_Problem statement_. Examine the listing below and state how many of its lines contain the word "origin". Write only the number.
*** Opening of Records to process ***
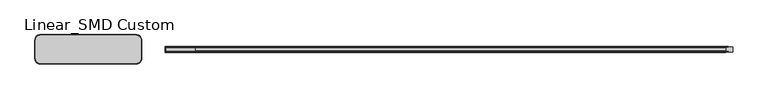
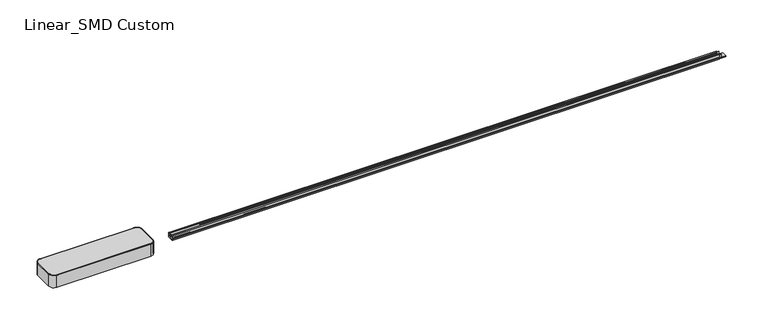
"""IFC4 building model written with IfcOpenShell, lengths in millimetres: light fixture geometry, ARTEMIDE-TurnAround-Linear_SMD : Linear_SMD Custom."""

from ifc_helpers import new_model, si_unit, point, frame, frame_2d, origin, origin_with_axes, place, context, project, spatial, polyline, circle_curve, ellipse_curve, trimmed, segment, composite_curve, outline, extrude, source, transform, mapped, element, save
from ifc_brep_helpers import plane_surface, cylinder_surface, revolved_surface, advanced_brep


def linear_smd_custom_d8e69743(model_context):
    return source(origin(), model_context, "Body", "SolidModel", [
        advanced_brep(
        [(-109.8389602, -55.0879179, 0.0), (-470.1610045, -55.0879179, 0.0), (-490.1610045, -35.0879179, 0.0), (-490.1610045, 35.0879179, 0.0), (-470.1610045, 55.0879179, 0.0), (-109.8389602, 55.0879179, 0.0), (-89.8389602, 35.0879179, 0.0), (-89.8389602, -35.0879179, 0.0), (-109.8389602, -53.0879179, 0.0), (-91.8389602, -35.0879179, 0.0), (-91.8389602, 35.0879179, 0.0), (-109.8389602, 53.0879179, 0.0), (-470.1610045, 53.0879179, 0.0), (-488.1610045, 35.0879179, 0.0), (-488.1610045, -35.0879179, 0.0), (-470.1610045, -53.0879179, 0.0), (-488.1610045, -35.0879179, 50.0), (-470.1610045, -53.0879179, 50.0), (-109.8389602, -53.0879179, 50.0), (-91.8389602, -35.0879179, 50.0), (-91.8389602, 35.0879179, 50.0), (-109.8389602, 53.0879179, 50.0), (-470.1610045, 53.0879179, 50.0), (-488.1610045, 35.0879179, 50.0), (-109.8389602, -55.0879179, 48.0), (-470.1610045, -55.0879179, 48.0), (-490.1610045, -35.0879179, 48.0), (-490.1610045, 35.0879179, 48.0), (-470.1610045, 55.0879179, 48.0), (-109.8389602, 55.0879179, 48.0), (-89.8389602, 35.0879179, 48.0), (-89.8389602, -35.0879179, 48.0), (-109.8389602, -53.0879179, 48.0), (-91.8389602, -35.0879179, 48.0), (-91.8389602, 35.0879179, 48.0), (-109.8389602, 53.0879179, 48.0), (-470.1610045, 53.0879179, 48.0), (-488.1610045, 35.0879179, 48.0), (-488.1610045, -35.0879179, 48.0), (-470.1610045, -53.0879179, 48.0)],
        [
            (0, 1),
            (1, 2, circle_curve(frame((-470.1610045, -35.0879179, 0.0), z_axis=(0.0, 0.0, -1.0), x_axis=(-1.0, 0.0, 0.0)), 20.0)),
            (2, 3),
            (3, 4, circle_curve(frame((-470.1610045, 35.0879179, 0.0), z_axis=(0.0, 0.0, -1.0), x_axis=(-1.0, 0.0, 0.0)), 20.0)),
            (4, 5),
            (5, 6, circle_curve(frame((-109.8389602, 35.0879179, 0.0), z_axis=(0.0, 0.0, -1.0), x_axis=(-1.0, 0.0, 0.0)), 20.0)),
            (6, 7),
            (7, 0, circle_curve(frame((-109.8389602, -35.0879179, 0.0), z_axis=(0.0, 0.0, -1.0), x_axis=(-1.0, 0.0, 0.0)), 20.0)),
            (8, 9, circle_curve(frame((-109.8389602, -35.0879179, 0.0), z_axis=(0.0, 0.0, 1.0), x_axis=(-1.0, 0.0, 0.0)), 18.0)),
            (9, 10),
            (10, 11, circle_curve(frame((-109.8389602, 35.0879179, 0.0), z_axis=(0.0, 0.0, 1.0), x_axis=(-1.0, 0.0, 0.0)), 18.0)),
            (11, 12),
            (12, 13, circle_curve(frame((-470.1610045, 35.0879179, 0.0), z_axis=(0.0, 0.0, 1.0), x_axis=(-1.0, 0.0, 0.0)), 18.0)),
            (13, 14),
            (14, 15, circle_curve(frame((-470.1610045, -35.0879179, 0.0), z_axis=(0.0, 0.0, 1.0), x_axis=(-1.0, 0.0, 0.0)), 18.0)),
            (15, 8),
            (16, 17, circle_curve(frame((-470.1610045, -35.0879179, 50.0), z_axis=(0.0, 0.0, 1.0), x_axis=(-1.0, 0.0, 0.0)), 18.0)),
            (17, 18),
            (18, 19, circle_curve(frame((-109.8389602, -35.0879179, 50.0), z_axis=(0.0, 0.0, 1.0), x_axis=(0.0, -1.0, 0.0)), 18.0)),
            (19, 20),
            (20, 21, circle_curve(frame((-109.8389602, 35.0879179, 50.0), z_axis=(0.0, 0.0, 1.0), x_axis=(1.0, 0.0, 0.0)), 18.0)),
            (21, 22),
            (22, 23, circle_curve(frame((-470.1610045, 35.0879179, 50.0), z_axis=(0.0, 0.0, 1.0), x_axis=(0.0, 1.0, 0.0)), 18.0)),
            (23, 16),
            (0, 24),
            (24, 25),
            (25, 1),
            (2, 26),
            (26, 27),
            (27, 3),
            (4, 28),
            (28, 29),
            (29, 5),
            (6, 30),
            (30, 31),
            (31, 7),
            (25, 26, circle_curve(frame((-470.1610045, -35.0879179, 48.0), z_axis=(0.0, 0.0, -1.0), x_axis=(-1.0, 0.0, 0.0)), 20.0)),
            (27, 28, circle_curve(frame((-470.1610045, 35.0879179, 48.0), z_axis=(0.0, 0.0, -1.0), x_axis=(-1.0, 0.0, 0.0)), 20.0)),
            (29, 30, circle_curve(frame((-109.8389602, 35.0879179, 48.0), z_axis=(0.0, 0.0, -1.0), x_axis=(-1.0, 0.0, 0.0)), 20.0)),
            (31, 24, circle_curve(frame((-109.8389602, -35.0879179, 48.0), z_axis=(0.0, 0.0, -1.0), x_axis=(-1.0, 0.0, 0.0)), 20.0)),
            (8, 32),
            (32, 33, circle_curve(frame((-109.8389602, -35.0879179, 48.0), z_axis=(0.0, 0.0, 1.0), x_axis=(-1.0, 0.0, 0.0)), 18.0)),
            (33, 9),
            (33, 34),
            (34, 10),
            (34, 35, circle_curve(frame((-109.8389602, 35.0879179, 48.0), z_axis=(0.0, 0.0, 1.0), x_axis=(-1.0, 0.0, 0.0)), 18.0)),
            (35, 11),
            (35, 36),
            (36, 12),
            (36, 37, circle_curve(frame((-470.1610045, 35.0879179, 48.0), z_axis=(0.0, 0.0, 1.0), x_axis=(-1.0, 0.0, 0.0)), 18.0)),
            (37, 13),
            (37, 38),
            (38, 14),
            (38, 39, circle_curve(frame((-470.1610045, -35.0879179, 48.0), z_axis=(0.0, 0.0, 1.0), x_axis=(-1.0, 0.0, 0.0)), 18.0)),
            (39, 15),
            (39, 32),
            (25, 17, circle_curve(frame((-470.1610045, -53.0879179, 48.0), z_axis=(-1.0, 0.0, 0.0), x_axis=(0.0, 1.0, 0.0)), 2.0)),
            (16, 26, circle_curve(frame((-488.1610045, -35.0879179, 48.0), z_axis=(0.0, -1.0, 0.0), x_axis=(1.0, 0.0, 0.0)), 2.0)),
            (24, 18, circle_curve(frame((-109.8389602, -53.0879179, 48.0), z_axis=(-1.0, 0.0, 0.0), x_axis=(0.0, 1.0, 0.0)), 2.0)),
            (31, 19, circle_curve(frame((-91.8389602, -35.0879179, 48.0), z_axis=(0.0, -1.0, 0.0), x_axis=(-1.0, 0.0, 0.0)), 2.0)),
            (30, 20, circle_curve(frame((-91.8389602, 35.0879179, 48.0), z_axis=(0.0, -1.0, 0.0), x_axis=(-1.0, 0.0, 0.0)), 2.0)),
            (29, 21, circle_curve(frame((-109.8389602, 53.0879179, 48.0), z_axis=(1.0, 0.0, 0.0), x_axis=(0.0, -1.0, 0.0)), 2.0)),
            (28, 22, circle_curve(frame((-470.1610045, 53.0879179, 48.0), z_axis=(1.0, 0.0, 0.0), x_axis=(0.0, -1.0, 0.0)), 2.0)),
            (27, 23, circle_curve(frame((-488.1610045, 35.0879179, 48.0), z_axis=(0.0, 1.0, 0.0), x_axis=(1.0, 0.0, 0.0)), 2.0)),
        ],
        [
            plane_surface(frame((-470.1610045, -55.0879179, 0.0), z_axis=(0.0, 0.0, -1.0), x_axis=(-1.0, 0.0, 0.0))),
            plane_surface(frame((-470.1610045, -55.0879179, 50.0), z_axis=(0.0, 0.0, 1.0), x_axis=(1.0, 0.0, 0.0))),
            plane_surface(frame((-109.8389602, -55.0879179, 0.0), z_axis=(0.0, -1.0, 0.0), x_axis=(0.0, 0.0, 1.0))),
            plane_surface(frame((-490.1610045, -35.0879179, 0.0), z_axis=(-1.0, 0.0, 0.0), x_axis=(0.0, 0.0, 1.0))),
            plane_surface(frame((-470.1610045, 55.0879179, 0.0), z_axis=(0.0, 1.0, 0.0), x_axis=(0.0, 0.0, 1.0))),
            plane_surface(frame((-89.8389602, 35.0879179, 0.0), z_axis=(1.0, 0.0, 0.0), x_axis=(0.0, 0.0, 1.0))),
            cylinder_surface(frame((-470.1610045, -35.0879179, 50.0), z_axis=(0.0, 0.0, -1.0), x_axis=(-1.0, 0.0, 0.0)), 20.0),
            cylinder_surface(frame((-470.1610045, 35.0879179, 50.0), z_axis=(0.0, 0.0, -1.0), x_axis=(-1.0, 0.0, 0.0)), 20.0),
            cylinder_surface(frame((-109.8389602, 35.0879179, 50.0), z_axis=(0.0, 0.0, -1.0), x_axis=(-1.0, 0.0, 0.0)), 20.0),
            cylinder_surface(frame((-109.8389602, -35.0879179, 50.0), z_axis=(0.0, 0.0, -1.0), x_axis=(-1.0, 0.0, 0.0)), 20.0),
            revolved_surface(polyline([(-127.8389602, -35.0879179, 48.0), (-127.8389602, -35.0879179, 0.0)]), (-109.8389602, -35.0879179, 0.0), (0.0, 0.0, 1.0)),
            plane_surface(frame((-91.8389602, -35.0879179, 0.0), z_axis=(-1.0, 0.0, 0.0), x_axis=(0.0, 0.0, 1.0))),
            revolved_surface(polyline([(-127.8389602, 35.0879179, 48.0), (-127.8389602, 35.0879179, 0.0)]), (-109.8389602, 35.0879179, 0.0), (0.0, 0.0, 1.0)),
            plane_surface(frame((-109.8389602, 53.0879179, 0.0), z_axis=(0.0, -1.0, 0.0), x_axis=(0.0, 0.0, 1.0))),
            revolved_surface(polyline([(-488.1610045, 35.0879179, 48.0), (-488.1610045, 35.0879179, 0.0)]), (-470.1610045, 35.0879179, 0.0), (0.0, 0.0, 1.0)),
            plane_surface(frame((-488.1610045, 35.0879179, 0.0), z_axis=(1.0, 0.0, 0.0), x_axis=(0.0, 0.0, 1.0))),
            revolved_surface(polyline([(-488.1610045, -35.0879179, 48.0), (-488.1610045, -35.0879179, 0.0)]), (-470.1610045, -35.0879179, 0.0), (0.0, 0.0, 1.0)),
            plane_surface(frame((-470.1610045, -53.0879179, 0.0), z_axis=(0.0, 1.0, 0.0), x_axis=(0.0, 0.0, 1.0))),
            plane_surface(frame((-470.1610045, -55.0879179, 48.0), z_axis=(0.0, 0.0, -1.0), x_axis=(-1.0, 0.0, 0.0))),
            revolved_surface(trimmed(ellipse_curve(frame((-488.1610045, -35.0879179, 48.0), z_axis=(0.0, 1.0, 0.0), x_axis=(1.0, 0.0, 0.0)), 2.0, 2.0), [point((-490.1610045, -35.0879179, 48.0))], [point((-488.1610045, -35.0879179, 50.0))], True, "CARTESIAN"), (-470.1610045, -35.0879179, 50.0), (0.0, 0.0, 1.0)),
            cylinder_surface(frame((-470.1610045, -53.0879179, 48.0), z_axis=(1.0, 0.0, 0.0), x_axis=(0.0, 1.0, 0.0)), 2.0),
*** Close of Records to process ***
_Response area_. 2